"There was one traveler who found the key, you remember?"

"True, doctor. He also, I fancy, met with an accident that, unfortunately, resulted in his death."

Ralph shuddered slightly. Princess Zara's tones were hard as steel. If she had spoken openly and callously of this man being murdered, she could not have expressed the same thing more plainly.

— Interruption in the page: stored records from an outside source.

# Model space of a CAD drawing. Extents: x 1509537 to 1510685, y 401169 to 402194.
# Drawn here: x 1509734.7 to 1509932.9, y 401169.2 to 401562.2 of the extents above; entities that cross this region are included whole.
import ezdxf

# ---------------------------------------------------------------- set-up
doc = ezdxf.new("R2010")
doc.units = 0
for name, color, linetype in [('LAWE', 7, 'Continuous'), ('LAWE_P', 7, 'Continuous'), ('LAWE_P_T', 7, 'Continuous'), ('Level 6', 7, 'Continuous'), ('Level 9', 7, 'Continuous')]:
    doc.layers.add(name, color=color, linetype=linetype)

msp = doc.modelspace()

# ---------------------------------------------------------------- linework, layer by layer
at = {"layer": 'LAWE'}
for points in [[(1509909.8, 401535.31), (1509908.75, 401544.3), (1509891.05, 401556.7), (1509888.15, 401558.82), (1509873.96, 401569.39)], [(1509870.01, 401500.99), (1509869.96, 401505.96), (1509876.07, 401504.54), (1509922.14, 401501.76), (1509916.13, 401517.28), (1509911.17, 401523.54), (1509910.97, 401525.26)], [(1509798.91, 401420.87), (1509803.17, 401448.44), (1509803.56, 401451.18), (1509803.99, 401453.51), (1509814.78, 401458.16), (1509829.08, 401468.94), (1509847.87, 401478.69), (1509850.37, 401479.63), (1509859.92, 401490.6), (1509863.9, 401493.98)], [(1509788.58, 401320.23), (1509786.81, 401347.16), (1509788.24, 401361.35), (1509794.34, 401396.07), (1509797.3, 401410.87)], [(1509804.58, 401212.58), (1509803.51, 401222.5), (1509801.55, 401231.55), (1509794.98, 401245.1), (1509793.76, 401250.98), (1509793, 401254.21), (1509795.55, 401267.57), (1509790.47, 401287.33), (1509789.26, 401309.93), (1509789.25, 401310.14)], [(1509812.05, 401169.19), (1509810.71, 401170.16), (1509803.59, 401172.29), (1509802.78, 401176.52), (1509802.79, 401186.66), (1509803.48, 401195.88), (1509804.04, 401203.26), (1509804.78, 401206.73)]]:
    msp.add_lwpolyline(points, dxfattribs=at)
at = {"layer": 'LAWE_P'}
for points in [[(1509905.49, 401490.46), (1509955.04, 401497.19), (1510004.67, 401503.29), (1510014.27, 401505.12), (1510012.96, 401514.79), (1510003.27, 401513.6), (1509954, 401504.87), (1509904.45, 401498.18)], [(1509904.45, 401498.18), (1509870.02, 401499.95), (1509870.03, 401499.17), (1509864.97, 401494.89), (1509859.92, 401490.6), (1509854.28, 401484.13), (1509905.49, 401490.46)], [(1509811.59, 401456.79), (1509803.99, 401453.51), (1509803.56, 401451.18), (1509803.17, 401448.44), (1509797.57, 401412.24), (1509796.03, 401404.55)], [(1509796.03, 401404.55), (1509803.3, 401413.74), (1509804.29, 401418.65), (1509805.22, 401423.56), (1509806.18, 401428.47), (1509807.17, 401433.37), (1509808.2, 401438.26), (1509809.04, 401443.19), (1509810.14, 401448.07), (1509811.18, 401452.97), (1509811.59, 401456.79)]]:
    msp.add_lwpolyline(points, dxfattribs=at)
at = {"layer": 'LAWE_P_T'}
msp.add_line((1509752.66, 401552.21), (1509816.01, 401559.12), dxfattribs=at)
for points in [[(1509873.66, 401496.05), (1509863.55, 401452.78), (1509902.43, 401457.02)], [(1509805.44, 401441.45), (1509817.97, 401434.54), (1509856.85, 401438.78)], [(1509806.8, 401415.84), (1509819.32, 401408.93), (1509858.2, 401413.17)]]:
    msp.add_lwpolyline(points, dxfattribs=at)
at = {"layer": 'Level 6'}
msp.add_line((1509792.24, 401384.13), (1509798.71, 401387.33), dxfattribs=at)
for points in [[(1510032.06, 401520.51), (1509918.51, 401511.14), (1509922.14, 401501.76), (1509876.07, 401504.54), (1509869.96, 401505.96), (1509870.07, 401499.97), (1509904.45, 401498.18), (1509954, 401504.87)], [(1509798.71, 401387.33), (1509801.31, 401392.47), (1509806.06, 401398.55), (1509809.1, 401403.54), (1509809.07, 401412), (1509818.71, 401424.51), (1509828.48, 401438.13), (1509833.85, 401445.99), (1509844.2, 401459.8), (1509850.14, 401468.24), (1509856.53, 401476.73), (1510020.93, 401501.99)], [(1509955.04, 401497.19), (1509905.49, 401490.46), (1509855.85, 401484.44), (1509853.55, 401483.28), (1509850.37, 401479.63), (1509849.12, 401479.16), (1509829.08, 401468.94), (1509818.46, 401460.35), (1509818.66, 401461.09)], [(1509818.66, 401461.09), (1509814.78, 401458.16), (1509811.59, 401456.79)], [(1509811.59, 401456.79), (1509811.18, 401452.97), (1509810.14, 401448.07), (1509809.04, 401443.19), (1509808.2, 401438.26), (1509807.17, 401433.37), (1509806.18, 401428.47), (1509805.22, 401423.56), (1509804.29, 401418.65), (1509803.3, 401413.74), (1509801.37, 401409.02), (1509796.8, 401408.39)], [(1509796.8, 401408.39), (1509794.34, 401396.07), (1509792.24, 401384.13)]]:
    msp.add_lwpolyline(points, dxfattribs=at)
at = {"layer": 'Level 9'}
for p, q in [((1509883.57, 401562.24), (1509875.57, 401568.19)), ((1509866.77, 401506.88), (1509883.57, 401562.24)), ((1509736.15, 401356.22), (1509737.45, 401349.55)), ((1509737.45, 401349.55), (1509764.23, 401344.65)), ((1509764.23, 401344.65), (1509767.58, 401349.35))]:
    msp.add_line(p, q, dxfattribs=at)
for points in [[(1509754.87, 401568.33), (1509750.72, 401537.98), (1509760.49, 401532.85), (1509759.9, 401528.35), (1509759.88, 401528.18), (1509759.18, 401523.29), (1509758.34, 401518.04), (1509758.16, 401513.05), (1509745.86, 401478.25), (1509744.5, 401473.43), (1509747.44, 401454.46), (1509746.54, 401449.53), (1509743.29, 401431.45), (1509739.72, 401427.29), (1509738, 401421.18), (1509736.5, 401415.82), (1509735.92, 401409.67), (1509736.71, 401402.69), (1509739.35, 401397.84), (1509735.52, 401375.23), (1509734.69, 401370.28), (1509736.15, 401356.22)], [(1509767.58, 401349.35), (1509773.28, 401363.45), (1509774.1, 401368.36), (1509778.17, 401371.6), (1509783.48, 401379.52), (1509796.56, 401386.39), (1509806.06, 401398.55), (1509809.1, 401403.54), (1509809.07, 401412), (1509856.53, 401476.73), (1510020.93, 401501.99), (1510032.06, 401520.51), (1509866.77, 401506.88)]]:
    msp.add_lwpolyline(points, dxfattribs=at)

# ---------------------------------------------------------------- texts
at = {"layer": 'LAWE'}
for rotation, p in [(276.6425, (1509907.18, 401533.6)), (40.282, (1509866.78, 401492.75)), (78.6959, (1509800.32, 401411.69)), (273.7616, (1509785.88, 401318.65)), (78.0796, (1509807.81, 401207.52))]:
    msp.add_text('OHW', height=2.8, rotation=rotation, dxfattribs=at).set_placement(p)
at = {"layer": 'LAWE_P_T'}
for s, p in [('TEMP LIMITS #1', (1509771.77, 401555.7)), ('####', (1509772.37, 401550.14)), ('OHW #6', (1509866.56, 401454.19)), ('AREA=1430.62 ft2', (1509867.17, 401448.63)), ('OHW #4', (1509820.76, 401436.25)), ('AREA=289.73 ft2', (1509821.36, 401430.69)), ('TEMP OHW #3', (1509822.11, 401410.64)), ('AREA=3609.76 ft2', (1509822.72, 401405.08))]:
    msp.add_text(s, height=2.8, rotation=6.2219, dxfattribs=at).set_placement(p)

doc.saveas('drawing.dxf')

A beautiful woman, a fascinating one; but a woman with no heart and no feeling where her hatreds were concerned.

"It is just possible I have the key," said Tchigorsky.

The eyes of the Princess blazed for a moment. Then she smiled.

"Dare you use it?" she asked. "If you dare, then all the secrets of heaven and hell are yours. For four thousand years the priests of the temple at Lassa and the heads of my family have solved the future. You know what we can do. We are all powerful for evil. We can strike down our foes by means unknown to your boasted Western science. They are all the same to us, proud potentate, ex-meddling doctor."

There was a menace in the last words. Tchigorsky smiled:

"The meddling doctor has already had personal experience," he said. "I carry the marks of my suffering to the grave. I remember how your peasants treated me and this does not tend to relax my efforts."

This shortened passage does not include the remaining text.